Data Analysis on the Progression of Video Games
The skills the author demoed here can be learned through taking Data Science with Machine Learning bootcamp with NYC Data Science Academy.
I used to be an avid gamer from the days of the Super Nintendo System all the way to the recent Playstation 3 system. However, I did take a break and I haven't played video games for the past five years. I can't even recognize the games of today anymore. A lot has happened and with that in mind, I wanted to explore further to see the general data trends of video game sales for the past 20 or even 30 years.
Data set can be downloaded from here. (Kaggle dataset) I wanted to do some basic exploratory data analysis to get some insight on how and which games sell the most. I've also created a tableau visualization which can be found here. And finally, my code can be found on my GitHub repository which can be found here.

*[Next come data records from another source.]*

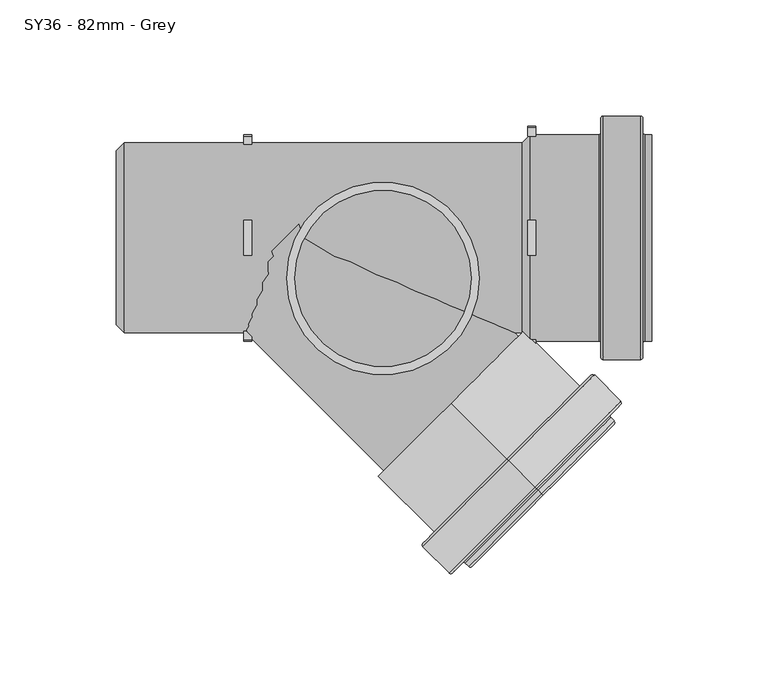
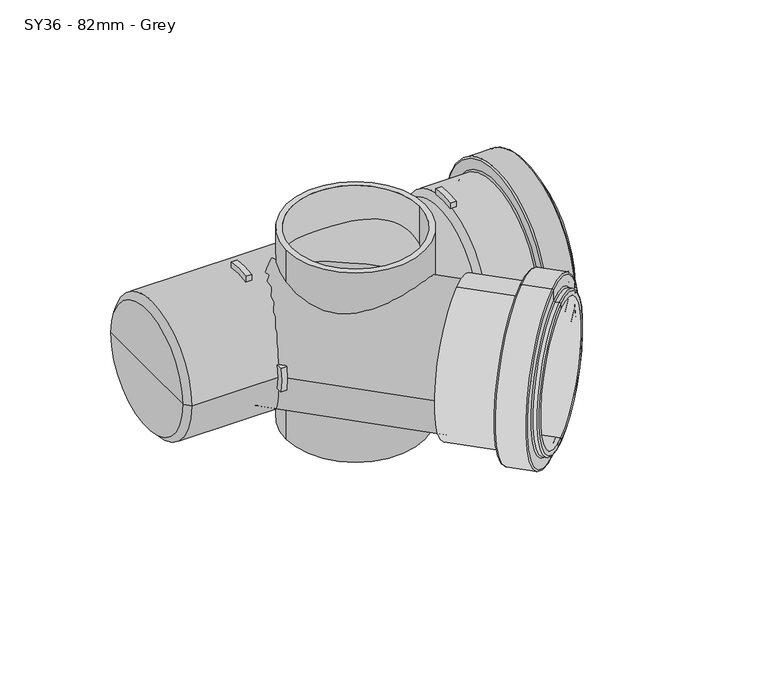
"""IFC4 building model written with IfcOpenShell, lengths in millimetres: pipe fitting geometry, MarleyPlumbingAndDrainage_PipeFitting_EqualBranch45PushFit_SY36 : SY36 - 82mm - Grey."""

from ifc_helpers import new_model, si_unit, point, frame, frame_2d, origin, origin_2d, place, context, project, spatial, polyline, circle_curve, ellipse_curve, trimmed, segment, composite_curve, outline, extrude, source, transform, mapped, element, save
from ifc_brep_helpers import plane_surface, cylinder_surface, revolved_surface, advanced_brep


def sy36_82mm_grey_5bc6de29(model_context):
    return source(origin(), model_context, "Body", "SolidModel", [
        advanced_brep(
        [(56.5924031, -71.4177849, -44.5), (56.5924031, -71.4177849, 44.5), (56.5924031, -71.4177849, 41.0), (56.5924031, -71.4177849, -41.0), (80.6340336, -95.4594155, -44.5), (80.6340336, -95.4594155, 44.5), (80.6340336, -95.4594155, -51.5), (80.6340336, -95.4594155, 51.5), (92.6548489, -107.4802307, -52.5), (92.6548489, -107.4802307, 52.5), (81.3411404, -96.1665222, 52.5), (81.3411404, -96.1665222, -52.5), (93.3619557, -108.1873375, -45.5), (93.3619557, -108.1873375, 45.5), (93.3619557, -108.1873375, 51.5), (93.3619557, -108.1873375, -51.5), (95.483276, -110.3086579, -44.5), (95.483276, -110.3086579, 44.5), (94.0690625, -108.8944443, 44.5), (94.0690625, -108.8944443, -44.5), (96.1903828, -111.0157646, -41.0), (96.1903828, -111.0157646, 41.0), (96.1903828, -111.0157646, 43.5), (96.1903828, -111.0157646, -43.5)],
        [
            (0, 1, circle_curve(frame((56.5924031, -71.4177849, 0.0), z_axis=(-0.7071067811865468, 0.7071067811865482, 0.0), x_axis=(0.0, 0.0, 1.0000000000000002)), 44.5)),
            (1, 2),
            (2, 3, circle_curve(frame((56.5924031, -71.4177849, 0.0), z_axis=(0.7071067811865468, -0.7071067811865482, 0.0), x_axis=(0.0, 0.0, 1.0000000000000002)), 41.0)),
            (3, 0),
            (1, 0, circle_curve(frame((56.5924031, -71.4177849, 0.0), z_axis=(-0.7071067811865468, 0.7071067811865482, 0.0), x_axis=(0.0, 0.0, 1.0000000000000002)), 44.5)),
            (3, 2, circle_curve(frame((56.5924031, -71.4177849, 0.0), z_axis=(0.7071067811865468, -0.7071067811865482, 0.0), x_axis=(0.0, 0.0, 1.0000000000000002)), 41.0)),
            (4, 5, circle_curve(frame((80.6340336, -95.4594155, 0.0), z_axis=(-0.7071067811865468, 0.7071067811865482, 0.0), x_axis=(0.0, 0.0, 1.0000000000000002)), 44.5)),
            (5, 1),
            (0, 4),
            (5, 4, circle_curve(frame((80.6340336, -95.4594155, 0.0), z_axis=(-0.7071067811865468, 0.7071067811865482, 0.0), x_axis=(0.0, 0.0, 1.0000000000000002)), 44.5)),
            (6, 7, circle_curve(frame((80.6340336, -95.4594155, 0.0), z_axis=(-0.7071067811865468, 0.7071067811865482, 0.0), x_axis=(0.0, 0.0, 1.0000000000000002)), 51.5)),
            (7, 5),
            (4, 6),
            (7, 6, circle_curve(frame((80.6340336, -95.4594155, 0.0), z_axis=(-0.7071067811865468, 0.7071067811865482, 0.0), x_axis=(0.0, 0.0, 1.0000000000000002)), 51.5)),
            (8, 9, circle_curve(frame((92.6548489, -107.4802307, 0.0), z_axis=(-0.7071067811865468, 0.7071067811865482, 0.0), x_axis=(0.0, 0.0, 1.0000000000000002)), 52.5)),
            (9, 10),
            (10, 11, circle_curve(frame((81.3411404, -96.1665222, 0.0), z_axis=(0.7071067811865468, -0.7071067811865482, 0.0), x_axis=(0.0, 0.0, 1.0000000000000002)), 52.5)),
            (11, 8),
            (9, 8, circle_curve(frame((92.6548489, -107.4802307, 0.0), z_axis=(-0.7071067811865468, 0.7071067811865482, 0.0), x_axis=(0.0, 0.0, 1.0000000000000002)), 52.5)),
            (11, 10, circle_curve(frame((81.3411404, -96.1665222, 0.0), z_axis=(0.7071067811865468, -0.7071067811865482, 0.0), x_axis=(0.0, 0.0, 1.0000000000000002)), 52.5)),
            (12, 13, circle_curve(frame((93.3619557, -108.1873375, 0.0), z_axis=(-0.7071067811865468, 0.7071067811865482, 0.0), x_axis=(0.0, 0.0, 1.0000000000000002)), 45.5)),
            (13, 14),
            (14, 15, circle_curve(frame((93.3619557, -108.1873375, 0.0), z_axis=(0.7071067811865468, -0.7071067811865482, 0.0), x_axis=(0.0, 0.0, 1.0000000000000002)), 51.5)),
            (15, 12),
            (13, 12, circle_curve(frame((93.3619557, -108.1873375, 0.0), z_axis=(-0.7071067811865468, 0.7071067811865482, 0.0), x_axis=(0.0, 0.0, 1.0000000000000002)), 45.5)),
            (15, 14, circle_curve(frame((93.3619557, -108.1873375, 0.0), z_axis=(0.7071067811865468, -0.7071067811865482, 0.0), x_axis=(0.0, 0.0, 1.0000000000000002)), 51.5)),
            (16, 17, circle_curve(frame((95.483276, -110.3086579, 0.0), z_axis=(-0.7071067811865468, 0.7071067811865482, 0.0), x_axis=(0.0, 0.0, 1.0000000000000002)), 44.5)),
            (17, 18),
            (18, 19, circle_curve(frame((94.0690625, -108.8944443, 0.0), z_axis=(0.7071067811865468, -0.7071067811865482, 0.0), x_axis=(0.0, 0.0, 1.0000000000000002)), 44.5)),
            (19, 16),
            (17, 16, circle_curve(frame((95.483276, -110.3086579, 0.0), z_axis=(-0.7071067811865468, 0.7071067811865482, 0.0), x_axis=(0.0, 0.0, 1.0000000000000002)), 44.5)),
            (19, 18, circle_curve(frame((94.0690625, -108.8944443, 0.0), z_axis=(0.7071067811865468, -0.7071067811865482, 0.0), x_axis=(0.0, 0.0, 1.0000000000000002)), 44.5)),
            (20, 21, circle_curve(frame((96.1903828, -111.0157646, 0.0), z_axis=(-0.7071067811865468, 0.7071067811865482, 0.0), x_axis=(0.0, 0.0, 1.0000000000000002)), 41.0)),
            (21, 22),
            (22, 23, circle_curve(frame((96.1903828, -111.0157646, 0.0), z_axis=(0.7071067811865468, -0.7071067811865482, 0.0), x_axis=(0.0, 0.0, 1.0000000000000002)), 43.5)),
            (23, 20),
            (21, 20, circle_curve(frame((96.1903828, -111.0157646, 0.0), z_axis=(-0.7071067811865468, 0.7071067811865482, 0.0), x_axis=(0.0, 0.0, 1.0000000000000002)), 41.0)),
            (23, 22, circle_curve(frame((96.1903828, -111.0157646, 0.0), z_axis=(0.7071067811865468, -0.7071067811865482, 0.0), x_axis=(0.0, 0.0, 1.0000000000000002)), 43.5)),
            (2, 21),
            (20, 3),
            (10, 7, circle_curve(frame((81.3411404, -96.1665222, 51.5), z_axis=(-0.7071067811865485, -0.707106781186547, 0.0), x_axis=(0.4999999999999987, -0.49999999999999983, 0.7071067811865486)), 1.0)),
            (6, 11, circle_curve(frame((81.3411404, -96.1665222, -51.5), z_axis=(-0.7071067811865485, -0.707106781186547, 0.0), x_axis=(0.5000000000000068, -0.5000000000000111, -0.707106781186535)), 1.0)),
            (14, 9, circle_curve(frame((92.6548489, -107.4802307, 51.5), z_axis=(-0.7071067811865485, -0.707106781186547, 0.0), x_axis=(0.4999999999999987, -0.49999999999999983, 0.7071067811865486)), 1.0)),
            (8, 15, circle_curve(frame((92.6548489, -107.4802307, -51.5), z_axis=(-0.7071067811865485, -0.707106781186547, 0.0), x_axis=(0.5000000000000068, -0.5000000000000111, -0.707106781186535)), 1.0)),
            (18, 13, circle_curve(frame((94.0690625, -108.8944443, 45.5), z_axis=(0.7071067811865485, 0.707106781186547, 0.0), x_axis=(0.4999999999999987, -0.49999999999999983, 0.7071067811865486)), 1.0)),
            (12, 19, circle_curve(frame((94.0690625, -108.8944443, -45.5), z_axis=(0.7071067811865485, 0.707106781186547, 0.0), x_axis=(0.5000000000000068, -0.5000000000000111, -0.707106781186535)), 1.0)),
            (22, 17, circle_curve(frame((95.483276, -110.3086579, 43.5), z_axis=(-0.7071067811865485, -0.707106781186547, 0.0), x_axis=(0.4999999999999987, -0.49999999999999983, 0.7071067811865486)), 1.0)),
            (16, 23, circle_curve(frame((95.483276, -110.3086579, -43.5), z_axis=(-0.7071067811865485, -0.707106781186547, 0.0), x_axis=(0.5000000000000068, -0.5000000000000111, -0.707106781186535)), 1.0)),
        ],
        [
            plane_surface(frame((56.5924031, -71.4177849, 0.0), z_axis=(-0.7071067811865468, 0.7071067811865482, 0.0), x_axis=(0.0, 0.0, 1.0))),
            cylinder_surface(frame((120.9391202, -135.764502, 0.0), z_axis=(0.7071067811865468, -0.7071067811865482, 0.0), x_axis=(0.0, 0.0, 1.0000000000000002)), 44.5),
            plane_surface(frame((80.6340336, -95.4594155, 0.0), z_axis=(-0.7071067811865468, 0.7071067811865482, 0.0), x_axis=(0.0, 0.0, 1.0))),
            cylinder_surface(frame((120.9391202, -135.764502, 0.0), z_axis=(0.7071067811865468, -0.7071067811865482, 0.0), x_axis=(0.0, 0.0, 1.0000000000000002)), 52.5),
            plane_surface(frame((93.3619557, -108.1873375, 0.0), z_axis=(0.7071067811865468, -0.7071067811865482, 0.0), x_axis=(0.0, 0.0, 1.0))),
            plane_surface(frame((96.1903828, -111.0157646, 0.0), z_axis=(0.7071067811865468, -0.7071067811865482, 0.0), x_axis=(0.0, 0.0, 1.0))),
            revolved_surface(polyline([(96.19038280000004, -111.01576459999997, 41.00000000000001), (56.59240310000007, -71.41778489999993, 41.00000000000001)]), (120.9391202, -135.764502, 0.0), (0.7071067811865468, -0.7071067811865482, 0.0)),
            revolved_surface(trimmed(ellipse_curve(frame((81.3411404, -96.1665222, 51.5), z_axis=(0.7071067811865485, 0.707106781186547, 0.0), x_axis=(0.4999999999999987, -0.49999999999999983, 0.7071067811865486)), 1.0, 1.0), [point((80.6340336, -95.4594155, 51.5))], [point((81.3411404, -96.1665222, 52.5))], True, "CARTESIAN"), (120.9391202, -135.764502, 0.0), (0.7071067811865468, -0.7071067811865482, 0.0)),
            revolved_surface(trimmed(ellipse_curve(frame((81.3411404, -96.1665222, 51.5), z_axis=(0.7071067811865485, 0.707106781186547, 0.0), x_axis=(0.4999999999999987, -0.49999999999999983, 0.7071067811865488)), 1.0, 1.0), [point((80.6340336, -95.4594155, 51.5))], [point((81.3411404, -96.1665222, 52.5))], True, "CARTESIAN"), (120.9391202, -135.764502, 0.0), (0.7071067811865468, -0.7071067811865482, 0.0)),
            revolved_surface(trimmed(ellipse_curve(frame((92.6548489, -107.4802307, 51.5), z_axis=(0.7071067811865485, 0.707106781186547, 0.0), x_axis=(0.4999999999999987, -0.49999999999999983, 0.7071067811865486)), 1.0, 1.0), [point((92.6548489, -107.4802307, 52.5))], [point((93.3619557, -108.1873375, 51.5))], True, "CARTESIAN"), (120.9391202, -135.764502, 0.0), (0.7071067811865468, -0.7071067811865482, 0.0)),
            revolved_surface(trimmed(ellipse_curve(frame((92.6548489, -107.4802307, 51.5), z_axis=(0.7071067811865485, 0.707106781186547, 0.0), x_axis=(0.4999999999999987, -0.49999999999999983, 0.7071067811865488)), 1.0, 1.0), [point((92.6548489, -107.4802307, 52.5))], [point((93.3619557, -108.1873375, 51.5))], True, "CARTESIAN"), (120.9391202, -135.764502, 0.0), (0.7071067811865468, -0.7071067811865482, 0.0)),
            revolved_surface(trimmed(ellipse_curve(frame((94.0690625, -108.8944443, 45.5), z_axis=(-0.7071067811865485, -0.707106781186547, 0.0), x_axis=(0.4999999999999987, -0.49999999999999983, 0.7071067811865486)), 1.0, 1.0), [point((93.3619557, -108.1873375, 45.5))], [point((94.0690625, -108.8944443, 44.5))], True, "CARTESIAN"), (120.9391202, -135.764502, 0.0), (0.7071067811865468, -0.7071067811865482, 0.0)),
            revolved_surface(trimmed(ellipse_curve(frame((94.0690625, -108.8944443, 45.5), z_axis=(-0.7071067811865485, -0.707106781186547, 0.0), x_axis=(0.4999999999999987, -0.49999999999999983, 0.7071067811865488)), 1.0, 1.0), [point((93.3619557, -108.1873375, 45.5))], [point((94.0690625, -108.8944443, 44.5))], True, "CARTESIAN"), (120.9391202, -135.764502, 0.0), (0.7071067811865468, -0.7071067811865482, 0.0)),
            revolved_surface(trimmed(ellipse_curve(frame((95.483276, -110.3086579, 43.5), z_axis=(0.7071067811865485, 0.707106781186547, 0.0), x_axis=(0.4999999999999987, -0.49999999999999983, 0.7071067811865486)), 1.0, 1.0), [point((95.483276, -110.3086579, 44.5))], [point((96.1903828, -111.0157646, 43.5))], True, "CARTESIAN"), (120.9391202, -135.764502, 0.0), (0.7071067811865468, -0.7071067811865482, 0.0)),
            revolved_surface(trimmed(ellipse_curve(frame((95.483276, -110.3086579, 43.5), z_axis=(0.7071067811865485, 0.707106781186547, 0.0), x_axis=(0.4999999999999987, -0.49999999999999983, 0.7071067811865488)), 1.0, 1.0), [point((95.483276, -110.3086579, 44.5))], [point((96.1903828, -111.0157646, 43.5))], True, "CARTESIAN"), (120.9391202, -135.764502, 0.0), (0.7071067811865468, -0.7071067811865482, 0.0)),
        ],
        [
            (0, [[1, 2, 3, 4]]),
            (0, [[5, -4, 6, -2]]),
            (1, [[7, 8, -1, 9]]),
            (1, [[10, -9, -5, -8]]),
            (2, [[11, 12, -7, 13]]),
            (2, [[14, -13, -10, -12]]),
            (3, [[15, 16, 17, 18]]),
            (3, [[19, -18, 20, -16]]),
            (4, [[21, 22, 23, 24]]),
            (4, [[25, -24, 26, -22]]),
            (1, [[27, 28, 29, 30]]),
            (1, [[31, -30, 32, -28]]),
            (5, [[33, 34, 35, 36]]),
            (5, [[37, -36, 38, -34]]),
            (6, [[-3, 39, -33, 40]]),
            (6, [[-6, -40, -37, -39]]),
            (7, [[-17, 41, -11, 42]]),
            (8, [[-20, -42, -14, -41]]),
            (9, [[-23, 43, -15, 44]]),
            (10, [[-26, -44, -19, -43]]),
            (11, [[-29, 45, -21, 46]]),
            (12, [[-32, -46, -25, -45]]),
            (13, [[-35, 47, -27, 48]]),
            (14, [[-38, -48, -31, -47]]),
        ],
    ),
        extrude(outline(composite_curve([segment(trimmed(circle_curve(origin_2d(), 41.0), [point((0.0, -41.0))], [point((0.0, 41.0))], False, "CARTESIAN"), True, "CONTINUOUS"), segment(trimmed(circle_curve(origin_2d(), 41.0), [point((0.0, 41.0))], [point((0.0, -41.0))], False, "CARTESIAN"), True, "CONTINUOUS")], self_intersect=False)), frame((56.5924031, -71.4177849, 0.0), z_axis=(-0.7071067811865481, 0.7071067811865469, 0.0), x_axis=(0.0, 0.0, 1.0)), (0.0, 0.0, 1.0), 101.0),
        extrude(outline(composite_curve([segment(trimmed(circle_curve(frame_2d((27.1746182, -17.5)), 41.5), [point((-14.3253818, -17.5))], [point((68.6746182, -17.5))], False, "CARTESIAN"), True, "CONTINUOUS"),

As you can see, the games are predominantly on the Nintendo DS with games on the Playstation 2 a close second.
More important than that however I also wanted to get a scope of the global sales, both by platform and by year as well. (sales are in millions)
From this chart, we can see that within the data set, most global sales come from Playstation 2 predominantly, with a good mix of Playstation 3 and Xbox 360 thrown in. These games seemed to be from an older generation so I wanted to see how dated my set was. The next step was to see global_sales per year.
From our data set, most global sales were between the years 2007 and 2010. Possible explanations for this include the new release of the PS3 and Xbox360 systems as well as the so-called prime age for the popular PS2 model.
I created a histogram to see how well games were selling in general.
It seems like there's an outlier(which we'll get to later) so I took a closer look instead.
The histogram may be right-skewed but this data frame includes many games that were released but didn’t do well. For every best-seller like Final Fantasy 7 out there, there are many more like the poorly received “Men in Black II: Alien Escape”
I needed to check the global sales per game to see how these years differ from the others.
This scatterplot shows a great outlier in around 2007. More than two times the sales of the far next best selling games. I got the head of the data set showing important columns to see just what this game was and how far the next games were.
The numbers are in millions and it's clear to see that Wii Sports is our outlier. More than two times the next best selling game, Super Mario Bros.
I then noticed the trend that all 5 of the best games were from Nintendo. The next step was to see how strong each publisher was for each area to get an idea of the different regions' tastes.
It's interesting to note the similar tastes in games when it comes to North America and Europe. Mainly Nintendo, with the same order of studios following closely behind. Japan and the rest of the world, on the other hand, showed a different story.
While Nintendo was still the strongest, Japan and the rest of the world showed more love for Sony Computer Entertainment.
To dive even deeper into this, I wanted to explore the differences in the genre per location to get an idea of what type of games sell best and where.
If the graphs are small in this blog you can easily go over to the tableau page provided above and get a closer look.
Throughout all the regions, the best-sellers are; Action, Sports, and Shooter. And the highest markets are North America and Europe. Interesting to note that Japan is the prime market when it comes to Role-playing games. (Their highest selling genre)
It's clear to see that games sell best in North America and Europe. Mainly of the action or shooter type. Games do sell well in Japan as well if they're role-playing games. There is seasonality for when games sell best but I think I'll need an updated data set to prove that hypothesis. Finally, the greatest selling games are from Nintendo, which ironically, focuses on family games and not action shooters.
It was an interesting deep dive but again for future studies, I'd like to see an updated version of the data set to see if indeed, games sell the best during generational shifts in video game platforms.